1.5. Nella fattispecie, tuttavia in ordine alla genuinità del racconto del richiedente e, decisivamente, in ordine alla sua dichiarata omosessualità, la Corte di appello, pur avendo richiamato le regole in tema di attenuazione dell’onere probatorio, non le ha rispettate, addebitando al ricorrente la mancanza di riscontri alle sue dichiarazioni, che inoltre ha definito “poco credibili, generiche, sfornite di qualsiasi prova”, ovvero “stereotipate e generiche” e affermando di condividere le osservazioni del giudice di primo grado circa l’attendibilità del racconto, non illustrate o sintetizzate nel provvedimento impugnato, nè desumibili dal tenore dei motivi di appello, essi pure sottaciuti.
Non è dato comprendere da simili asserzioni, meramente di stile, adattabili ad ogni procedimento, per quali ragioni la Corte milanese non abbia ritenuto credibile l’affermazione del ricorrente circa la sua omosessualità, tema rilevante e decisivo per il riconoscimento della protezione internazionale, con il conseguente difetto assoluto di motivazione, meramente apparente e non riscattata dalla considerazione, del tutto generica, della mancanza di dettagli credibili in ordine alla presa di coscienza della omosessualità.
2. Con il terzo motivo di ricorso, proposto ex art. 360 c.p.c., n. 3, il ricorrente denuncia violazione od falsa applicazione del D.Lgs. n. 251 del 2007, art. 3, comma 3, lett. a) e art. 5, D.Lgs. n. 25 del 2008, art. 8 e del D.Lgs. n. 251 del 2007, art. 2, comma 1, lett. e), art. 14, lett. c) e art. 17.
Le notizie generali riguardanti il Ghana ottenibili d’ufficio descrivevano, diversamente da quanto affermato dalla Corte di appello una situazione estremamente critica e conflittuale sfociante in conflitto armato attuale del Paese, come risultava dalle COI, dal sito dell’Ansa, dal rapporto di Amnesty International del 2017.
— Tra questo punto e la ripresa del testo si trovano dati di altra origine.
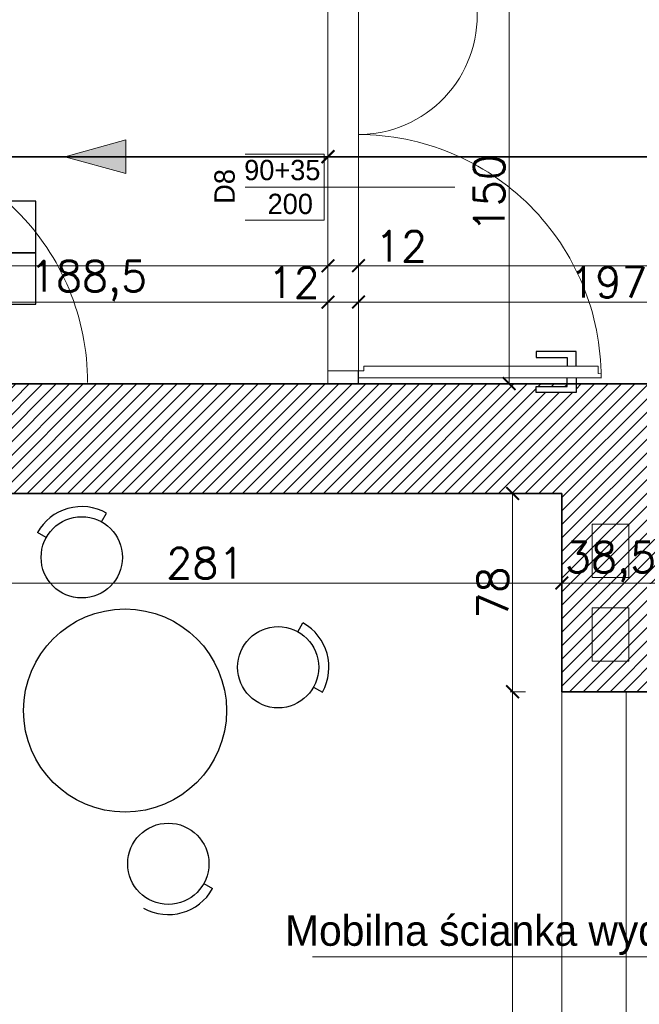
# Model space of a CAD drawing. Header units: millimetres. Extents: x -740 to 33545, y 5178 to 22494.
# Tile 138 of 250: x 10961 to 11205, y 10158 to 10546. Entities that reach past the tile are written whole.
import ezdxf
from ezdxf.lldxf.tags import DXFTag

# ---------------------------------------------------------------- set-up
doc = ezdxf.new("R2010")
doc.units = ezdxf.units.MM
doc.header["$MEASUREMENT"] = 0
doc.layers.get('Defpoints').update_dxf_attribs({"color": 252})
for name, color, linetype in [('_I_EKO_PODKLAD 3', 252, 'Continuous'), ('stolarka', 252, 'Continuous'), ('tabelki opis', 252, 'Continuous')]:
    doc.layers.add(name, color=color, linetype=linetype)
for name, color, linetype, lineweight in [('_IS_EKO_KS_podposadzkowa', 86, 'Continuous', 35), ('A_istniejÄ…ce Ĺ›ciany', 252, 'Continuous', 35), ('A_l.przerywana', 252, 'ICAD_ISO03W100', 9), ('A_opisy', 252, 'Continuous', 15), ('A_Ĺ›ciany projektowane', 252, 'Continuous', 35), ('l.przerywana', 252, 'ICAD_ISO03W100', 5), ('l.wypeĹ‚nien', 252, 'Continuous', 5), ('Nowe_820-G Rysunki Obrazki_Nr_piĂłra__23', 252, 'Continuous', 15), ('wymiarowanie', 252, 'Continuous', 9)]:
    doc.layers.add(name, color=color, linetype=linetype, lineweight=lineweight)
doc.styles.add('ROMANS', font='romans')
doc.styles.add('styl2', font='simplex.shx')
tags = doc.linetypes.add('ICAD_ISO03W100', pattern=[30, 12, -18]).pattern_tags.tags
tags[6:7] = [DXFTag(74, 4), DXFTag(75, 0), DXFTag(340, '0'), DXFTag(46, 1.0), DXFTag(50, 0.0), DXFTag(44, 0.0), DXFTag(45, 0.0)]
tags[4:5] = [DXFTag(74, 4), DXFTag(75, 0), DXFTag(340, '0'), DXFTag(46, 1.0), DXFTag(50, 0.0), DXFTag(44, 0.0), DXFTag(45, 0.0)]
doc.dimstyles.new('Skala 1-50', dxfattribs={"dimtxt": 12, "dimasz": 5, "dimexe": 1, "dimexo": 1, "dimgap": 1.5, "dimtad": 1, "dimdec": 1, "dimrnd": 0.5, "dimtxsty": 'styl2', "dimblk": 'ARCHTICK', "dimcen": 5, "dimadec": 0, "dimazin": 0, "dimtfac": 1, "dimtdec": 1, "dimtmove": 1, "dimatfit": 3, "dimldrblk": 'ARCHTICK', "dimfxl": 0, "dimlwd": -1, "dimlwe": -1, "dimarcsym": 0})

# ---------------------------------------------------------------- blocks, each defined once
blk = doc.blocks.new('_ArchTick')
at = {"color": 0, "linetype": 'ByBlock', "const_width": 0.15}
blk.add_lwpolyline([(-0.5, -0.5), (0.5, 0.5)], dxfattribs=at)
blk = doc.blocks.new('*D526')
at = {"layer": 'Defpoints', "color": 0}
for p in [(11174.51, 10281.34), (11155.14, 9812.76), (11174.51, 9812.76)]:
    blk.add_point(p, dxfattribs=at)
at = {"layer": 'wymiarowanie', "color": 0}
for p, q in [((11160.14, 10281.34), (11154.14, 10281.34)), ((11155.14, 10281.34), (11155.14, 10047.41)), ((11155.14, 9812.76), (11155.14, 10003.94)), ((11160.14, 9812.76), (11154.14, 9812.76))]:
    blk.add_line(p, q, dxfattribs=at)
at = {"layer": 'wymiarowanie', "color": 0, "xscale": 5, "yscale": 5, "zscale": 5}
for p, rotation in [((11155.14, 10281.34), 90), ((11155.14, 9812.76), 270)]:
    blk.add_blockref('_ArchTick', p, dxfattribs=dict(at, rotation=rotation))
at = {"layer": 'wymiarowanie', "color": 0, "insert": (11146.79, 10025.67), "char_height": 12, "attachment_point": 5, "rotation": 90, "style": 'styl2'}
blk.add_mtext('468,5', dxfattribs=at)
blk = doc.blocks.new('*D2203')
at = {"layer": 'Defpoints', "color": 0}
for p in [(11082.39, 10472.82), (9748.23, 10470.55), (11082.39, 10449.07)]:
    blk.add_point(p, dxfattribs=at)
at = {"layer": 'wymiarowanie', "color": 0}
for p, q in [((9748.23, 10454.07), (9748.23, 10448.07)), ((11082.39, 10454.07), (11082.39, 10448.07)), ((9748.23, 10449.07), (10346.75, 10449.07)), ((11082.39, 10449.07), (10383.94, 10449.07))]:
    blk.add_line(p, q, dxfattribs=at)
at = {"layer": 'wymiarowanie', "color": 0, "xscale": 5, "yscale": 5, "zscale": 5, "rotation": 180}
blk.add_blockref('_ArchTick', (9748.23, 10449.07), dxfattribs=at)
at = {"layer": 'wymiarowanie', "color": 0, "xscale": 5, "yscale": 5, "zscale": 5}
blk.add_blockref('_ArchTick', (11082.39, 10449.07), dxfattribs=at)
at = {"layer": 'wymiarowanie', "color": 0, "insert": (10365.34, 10456.46), "char_height": 12, "attachment_point": 5, "style": 'styl2'}
blk.add_mtext('1334', dxfattribs=at)
blk = doc.blocks.new('*D2204')
at = {"layer": 'Defpoints', "color": 0}
for p in [(11082.39, 10472.82), (11094.39, 10472.75), (11094.39, 10449.07)]:
    blk.add_point(p, dxfattribs=at)
at = {"layer": 'wymiarowanie', "color": 0}
for p, q in [((11082.39, 10454.07), (11082.39, 10448.07)), ((11094.39, 10454.07), (11094.39, 10448.07)), ((11082.39, 10449.07), (11094.39, 10449.07)), ((11094.39, 10449.07), (11120.44, 10449.07))]:
    blk.add_line(p, q, dxfattribs=at)
at = {"layer": 'wymiarowanie', "color": 0, "xscale": 5, "yscale": 5, "zscale": 5, "rotation": 180}
blk.add_blockref('_ArchTick', (11082.39, 10449.07), dxfattribs=at)
at = {"layer": 'wymiarowanie', "color": 0, "xscale": 5, "yscale": 5, "zscale": 5}
blk.add_blockref('_ArchTick', (11094.39, 10449.07), dxfattribs=at)
at = {"layer": 'wymiarowanie', "color": 0, "insert": (11111.18, 10456.72), "char_height": 12, "attachment_point": 5, "style": 'styl2'}
blk.add_mtext('12', dxfattribs=at)
blk = doc.blocks.new('*D2205')
at = {"layer": 'Defpoints', "color": 0}
for p in [(11401.42, 10478.86), (11094.39, 10472.75), (11401.42, 10449.07)]:
    blk.add_point(p, dxfattribs=at)
at = {"layer": 'wymiarowanie', "color": 0}
for p, q in [((11094.39, 10454.07), (11094.39, 10448.07)), ((11401.42, 10454.07), (11401.42, 10448.07)), ((11094.39, 10449.07), (11401.42, 10449.07))]:
    blk.add_line(p, q, dxfattribs=at)
at = {"layer": 'wymiarowanie', "color": 0, "xscale": 5, "yscale": 5, "zscale": 5, "rotation": 180}
blk.add_blockref('_ArchTick', (11094.39, 10449.07), dxfattribs=at)
at = {"layer": 'wymiarowanie', "color": 0, "xscale": 5, "yscale": 5, "zscale": 5}
blk.add_blockref('_ArchTick', (11401.42, 10449.07), dxfattribs=at)
at = {"layer": 'wymiarowanie', "color": 0, "insert": (11247.9, 10456.87), "char_height": 12, "attachment_point": 5, "style": 'styl2'}
blk.add_mtext('307', dxfattribs=at)
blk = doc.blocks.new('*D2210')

Con il quarto motivo di ricorso, proposto ex art. 360 c.p.c., n. 4, il ricorrente denuncia violazione dell’art. 112 c.p.c., con riferimento alla richiesta di protezione sussidiaria avanzata dal ricorrente ai sensi dell’art. 14, lett. b), non considerata dal Giudice.
Con il quinto motivo di ricorso, proposto ex art. 360 c.p.c., n. 3, il ricorrente denuncia violazione od falsa applicazione del D.Lgs. n. 251 del 2007, art. 3, comma 3, lett. a) e art. 5, D.Lgs. n. 25 del 2008, artt. 8 e 32, D.Lgs. n. 286 del 1998, art. 5, comma 6 e art. 19, in ordine alla mancata concessione della protezione umanitaria, tenuto conto della buona integrazione nella comunità ghanese omosessuale in Italia e della situazione di vulnerabilità in caso dir entro in patria, per l’ambiente ostile e l’atteggiamento della famiglia.
I predetti motivi restano tutti assorbiti per effetto dell’accoglimento del primo, con la conseguente cassazione della sentenza impugnata e il rinvio anche per le spese del giudizio di legittimità, ad altra sezione della Corte di appello di Milano.
P.Q.M.
La Corte:
accoglie il primo motivo di ricorso, assorbiti gli altri, cassa la sentenza impugnata in relazione al motivo accolto e rinvia, anche per le spese del giudizio di legittimità, ad altra sezione della Corte di appello di Milano.
Così deciso in Roma, nella Camera di consiglio della Sezione Prima Civile, il 25 giugno 2019.